Data:

──────

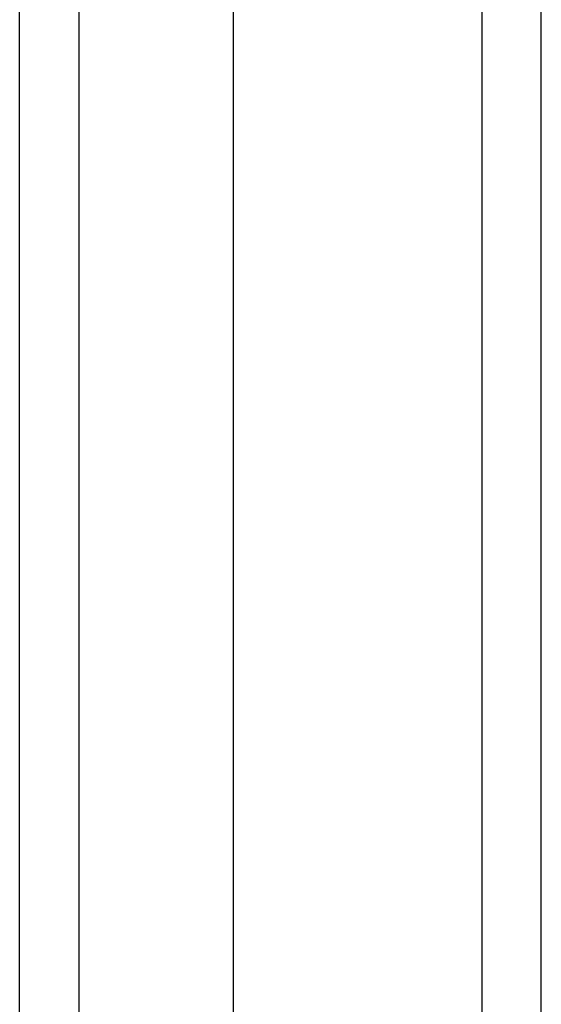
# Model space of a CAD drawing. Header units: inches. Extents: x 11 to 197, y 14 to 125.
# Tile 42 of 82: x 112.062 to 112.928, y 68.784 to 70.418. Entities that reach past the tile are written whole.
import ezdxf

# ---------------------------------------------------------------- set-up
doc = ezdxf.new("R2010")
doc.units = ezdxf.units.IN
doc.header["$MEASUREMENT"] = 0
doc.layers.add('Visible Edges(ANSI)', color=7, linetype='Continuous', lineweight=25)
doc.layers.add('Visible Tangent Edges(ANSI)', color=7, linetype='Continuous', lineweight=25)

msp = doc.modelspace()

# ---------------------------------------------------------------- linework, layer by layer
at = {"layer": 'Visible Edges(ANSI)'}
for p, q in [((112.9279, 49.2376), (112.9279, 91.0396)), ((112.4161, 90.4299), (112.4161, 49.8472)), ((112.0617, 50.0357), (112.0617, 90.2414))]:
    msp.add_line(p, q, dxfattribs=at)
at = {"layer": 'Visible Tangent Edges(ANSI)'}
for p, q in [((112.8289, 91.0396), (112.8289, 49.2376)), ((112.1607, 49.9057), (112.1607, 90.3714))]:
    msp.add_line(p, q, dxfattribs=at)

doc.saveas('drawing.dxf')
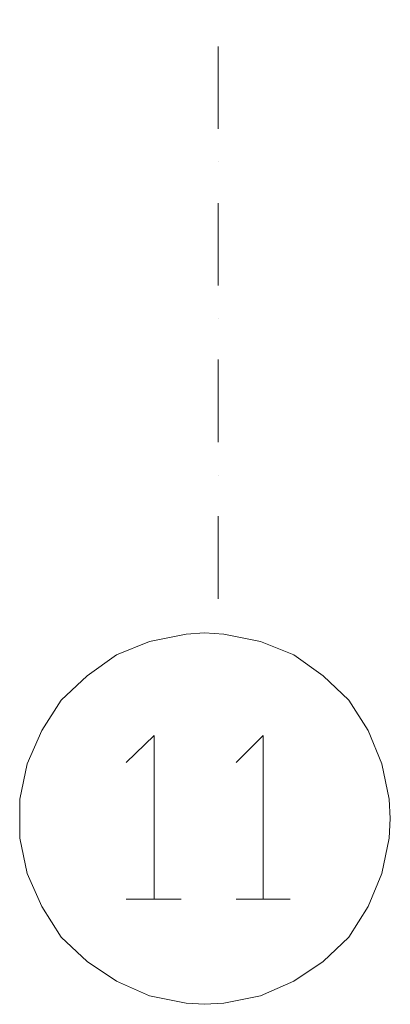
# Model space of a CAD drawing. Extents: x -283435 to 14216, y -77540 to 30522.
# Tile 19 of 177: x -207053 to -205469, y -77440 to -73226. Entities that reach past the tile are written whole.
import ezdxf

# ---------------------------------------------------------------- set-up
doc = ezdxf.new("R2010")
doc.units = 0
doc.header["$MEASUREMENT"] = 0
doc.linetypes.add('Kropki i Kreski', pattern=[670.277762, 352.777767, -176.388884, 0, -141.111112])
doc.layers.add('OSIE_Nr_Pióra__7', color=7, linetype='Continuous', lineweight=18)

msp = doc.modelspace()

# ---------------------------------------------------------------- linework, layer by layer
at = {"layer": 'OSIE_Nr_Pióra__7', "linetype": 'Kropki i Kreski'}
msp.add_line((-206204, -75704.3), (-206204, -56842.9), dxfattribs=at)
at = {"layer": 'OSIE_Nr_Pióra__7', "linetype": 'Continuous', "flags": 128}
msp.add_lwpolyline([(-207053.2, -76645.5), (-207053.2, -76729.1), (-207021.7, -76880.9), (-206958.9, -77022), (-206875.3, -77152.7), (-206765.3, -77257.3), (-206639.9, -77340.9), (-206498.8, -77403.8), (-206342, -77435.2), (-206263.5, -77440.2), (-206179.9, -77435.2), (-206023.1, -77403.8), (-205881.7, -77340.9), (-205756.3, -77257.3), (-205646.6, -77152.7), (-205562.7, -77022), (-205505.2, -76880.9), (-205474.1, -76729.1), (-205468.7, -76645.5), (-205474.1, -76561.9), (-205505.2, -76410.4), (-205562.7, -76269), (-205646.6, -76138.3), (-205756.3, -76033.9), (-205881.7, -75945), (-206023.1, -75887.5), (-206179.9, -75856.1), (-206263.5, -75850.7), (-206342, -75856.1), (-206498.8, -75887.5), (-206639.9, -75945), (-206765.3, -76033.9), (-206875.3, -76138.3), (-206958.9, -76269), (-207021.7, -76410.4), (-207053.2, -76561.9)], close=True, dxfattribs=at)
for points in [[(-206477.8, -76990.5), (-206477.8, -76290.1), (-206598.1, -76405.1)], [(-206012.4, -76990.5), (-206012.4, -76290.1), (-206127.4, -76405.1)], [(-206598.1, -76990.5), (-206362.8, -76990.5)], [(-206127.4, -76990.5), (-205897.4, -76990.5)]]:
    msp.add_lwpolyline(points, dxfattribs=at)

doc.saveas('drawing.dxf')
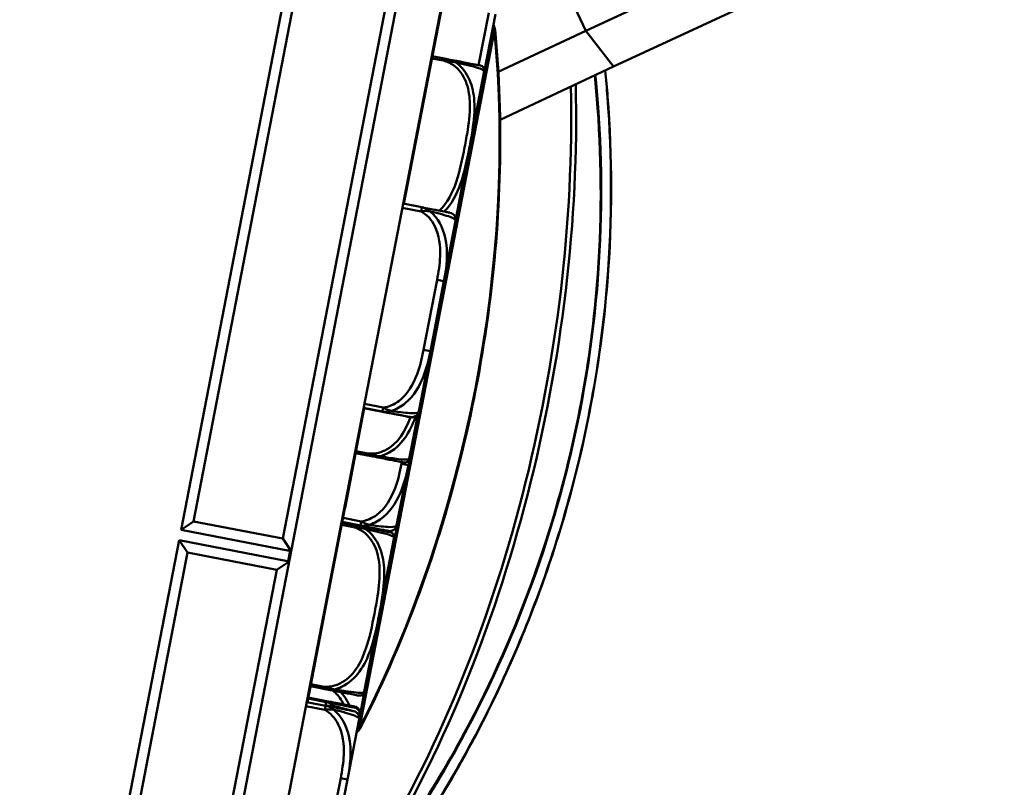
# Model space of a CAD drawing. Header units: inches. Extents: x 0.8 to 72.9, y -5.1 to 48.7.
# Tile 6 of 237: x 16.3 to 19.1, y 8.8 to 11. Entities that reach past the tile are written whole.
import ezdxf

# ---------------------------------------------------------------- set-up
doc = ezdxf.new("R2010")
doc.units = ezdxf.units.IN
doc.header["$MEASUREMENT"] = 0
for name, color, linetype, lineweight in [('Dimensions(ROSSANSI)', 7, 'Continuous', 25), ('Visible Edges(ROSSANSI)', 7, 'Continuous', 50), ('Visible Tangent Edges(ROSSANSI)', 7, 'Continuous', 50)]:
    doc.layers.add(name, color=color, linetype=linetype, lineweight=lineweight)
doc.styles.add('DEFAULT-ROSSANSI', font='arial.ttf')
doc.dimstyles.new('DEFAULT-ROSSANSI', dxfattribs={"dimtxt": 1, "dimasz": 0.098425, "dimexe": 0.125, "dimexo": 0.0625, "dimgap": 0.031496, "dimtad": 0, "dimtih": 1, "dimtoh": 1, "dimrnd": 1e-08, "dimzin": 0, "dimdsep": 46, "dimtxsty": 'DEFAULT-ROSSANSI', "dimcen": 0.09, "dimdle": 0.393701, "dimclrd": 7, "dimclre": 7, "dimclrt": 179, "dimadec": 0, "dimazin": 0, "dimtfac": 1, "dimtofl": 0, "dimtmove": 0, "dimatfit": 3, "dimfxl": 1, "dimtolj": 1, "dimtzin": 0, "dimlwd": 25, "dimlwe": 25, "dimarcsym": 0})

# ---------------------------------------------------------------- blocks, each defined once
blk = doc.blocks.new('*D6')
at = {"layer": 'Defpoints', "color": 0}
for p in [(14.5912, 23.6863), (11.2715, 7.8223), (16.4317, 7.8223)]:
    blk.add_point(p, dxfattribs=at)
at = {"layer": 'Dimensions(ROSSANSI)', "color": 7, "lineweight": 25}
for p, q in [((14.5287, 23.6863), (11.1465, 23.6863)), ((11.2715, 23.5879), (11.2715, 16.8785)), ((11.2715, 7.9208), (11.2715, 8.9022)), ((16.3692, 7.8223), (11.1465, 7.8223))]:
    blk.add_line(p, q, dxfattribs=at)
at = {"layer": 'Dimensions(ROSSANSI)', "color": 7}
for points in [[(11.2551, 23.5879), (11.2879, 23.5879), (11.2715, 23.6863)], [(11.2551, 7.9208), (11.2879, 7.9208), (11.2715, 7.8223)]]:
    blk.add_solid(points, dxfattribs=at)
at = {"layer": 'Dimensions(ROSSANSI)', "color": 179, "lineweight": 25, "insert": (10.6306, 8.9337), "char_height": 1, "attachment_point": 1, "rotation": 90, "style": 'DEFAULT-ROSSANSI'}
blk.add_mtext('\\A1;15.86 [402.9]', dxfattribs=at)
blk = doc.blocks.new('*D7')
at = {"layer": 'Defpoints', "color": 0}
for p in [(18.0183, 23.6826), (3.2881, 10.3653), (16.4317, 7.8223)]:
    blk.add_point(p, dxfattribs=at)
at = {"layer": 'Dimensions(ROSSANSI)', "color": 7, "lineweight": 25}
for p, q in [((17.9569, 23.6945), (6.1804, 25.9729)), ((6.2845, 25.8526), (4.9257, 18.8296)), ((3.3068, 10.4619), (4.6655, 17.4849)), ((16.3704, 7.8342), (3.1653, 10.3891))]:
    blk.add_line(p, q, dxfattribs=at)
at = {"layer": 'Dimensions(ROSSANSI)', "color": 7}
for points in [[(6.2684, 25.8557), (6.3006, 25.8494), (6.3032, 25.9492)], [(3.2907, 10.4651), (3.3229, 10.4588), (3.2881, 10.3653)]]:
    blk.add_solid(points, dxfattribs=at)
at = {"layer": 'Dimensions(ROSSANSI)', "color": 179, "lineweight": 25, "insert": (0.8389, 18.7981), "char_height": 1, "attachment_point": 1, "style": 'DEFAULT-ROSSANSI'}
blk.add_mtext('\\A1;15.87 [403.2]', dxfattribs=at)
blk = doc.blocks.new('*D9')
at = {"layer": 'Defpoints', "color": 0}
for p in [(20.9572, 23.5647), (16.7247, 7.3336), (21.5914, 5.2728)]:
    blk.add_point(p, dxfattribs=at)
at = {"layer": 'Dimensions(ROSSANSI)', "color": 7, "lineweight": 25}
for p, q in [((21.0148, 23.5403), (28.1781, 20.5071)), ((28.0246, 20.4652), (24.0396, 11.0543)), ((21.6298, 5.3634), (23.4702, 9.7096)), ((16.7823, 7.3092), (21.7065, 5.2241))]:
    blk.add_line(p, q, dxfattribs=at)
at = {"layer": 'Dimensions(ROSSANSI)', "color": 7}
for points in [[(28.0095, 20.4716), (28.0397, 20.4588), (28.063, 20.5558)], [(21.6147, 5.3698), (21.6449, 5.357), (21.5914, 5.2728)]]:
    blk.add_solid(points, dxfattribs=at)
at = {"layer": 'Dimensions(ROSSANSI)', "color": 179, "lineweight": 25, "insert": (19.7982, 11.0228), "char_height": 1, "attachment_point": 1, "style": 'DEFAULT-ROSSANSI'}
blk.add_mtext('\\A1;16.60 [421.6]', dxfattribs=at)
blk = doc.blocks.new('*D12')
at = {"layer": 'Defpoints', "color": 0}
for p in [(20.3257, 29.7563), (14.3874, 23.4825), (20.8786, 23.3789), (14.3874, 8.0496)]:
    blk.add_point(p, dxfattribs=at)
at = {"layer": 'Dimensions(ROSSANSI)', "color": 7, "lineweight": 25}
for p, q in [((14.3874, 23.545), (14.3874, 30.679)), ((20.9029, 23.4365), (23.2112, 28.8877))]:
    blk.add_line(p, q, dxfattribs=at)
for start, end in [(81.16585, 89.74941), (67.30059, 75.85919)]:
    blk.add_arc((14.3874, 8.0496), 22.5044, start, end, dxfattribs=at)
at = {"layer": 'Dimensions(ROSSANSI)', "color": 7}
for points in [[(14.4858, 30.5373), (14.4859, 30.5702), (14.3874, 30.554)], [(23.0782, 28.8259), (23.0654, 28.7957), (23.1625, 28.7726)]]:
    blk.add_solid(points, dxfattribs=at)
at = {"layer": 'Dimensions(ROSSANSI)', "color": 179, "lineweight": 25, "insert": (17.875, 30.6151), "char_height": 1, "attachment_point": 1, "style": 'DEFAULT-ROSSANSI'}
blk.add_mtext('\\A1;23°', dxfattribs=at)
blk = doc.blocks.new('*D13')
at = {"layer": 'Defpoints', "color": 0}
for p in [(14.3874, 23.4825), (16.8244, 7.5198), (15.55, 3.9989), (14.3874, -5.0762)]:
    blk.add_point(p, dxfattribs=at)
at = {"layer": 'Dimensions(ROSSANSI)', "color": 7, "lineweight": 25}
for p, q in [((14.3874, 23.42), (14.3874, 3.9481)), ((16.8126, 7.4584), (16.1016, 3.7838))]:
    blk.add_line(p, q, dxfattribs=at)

──────

Activity:
Line count for the word "tile": give the number of lines in the entries above that contain it, and nothing more.

Task result:
3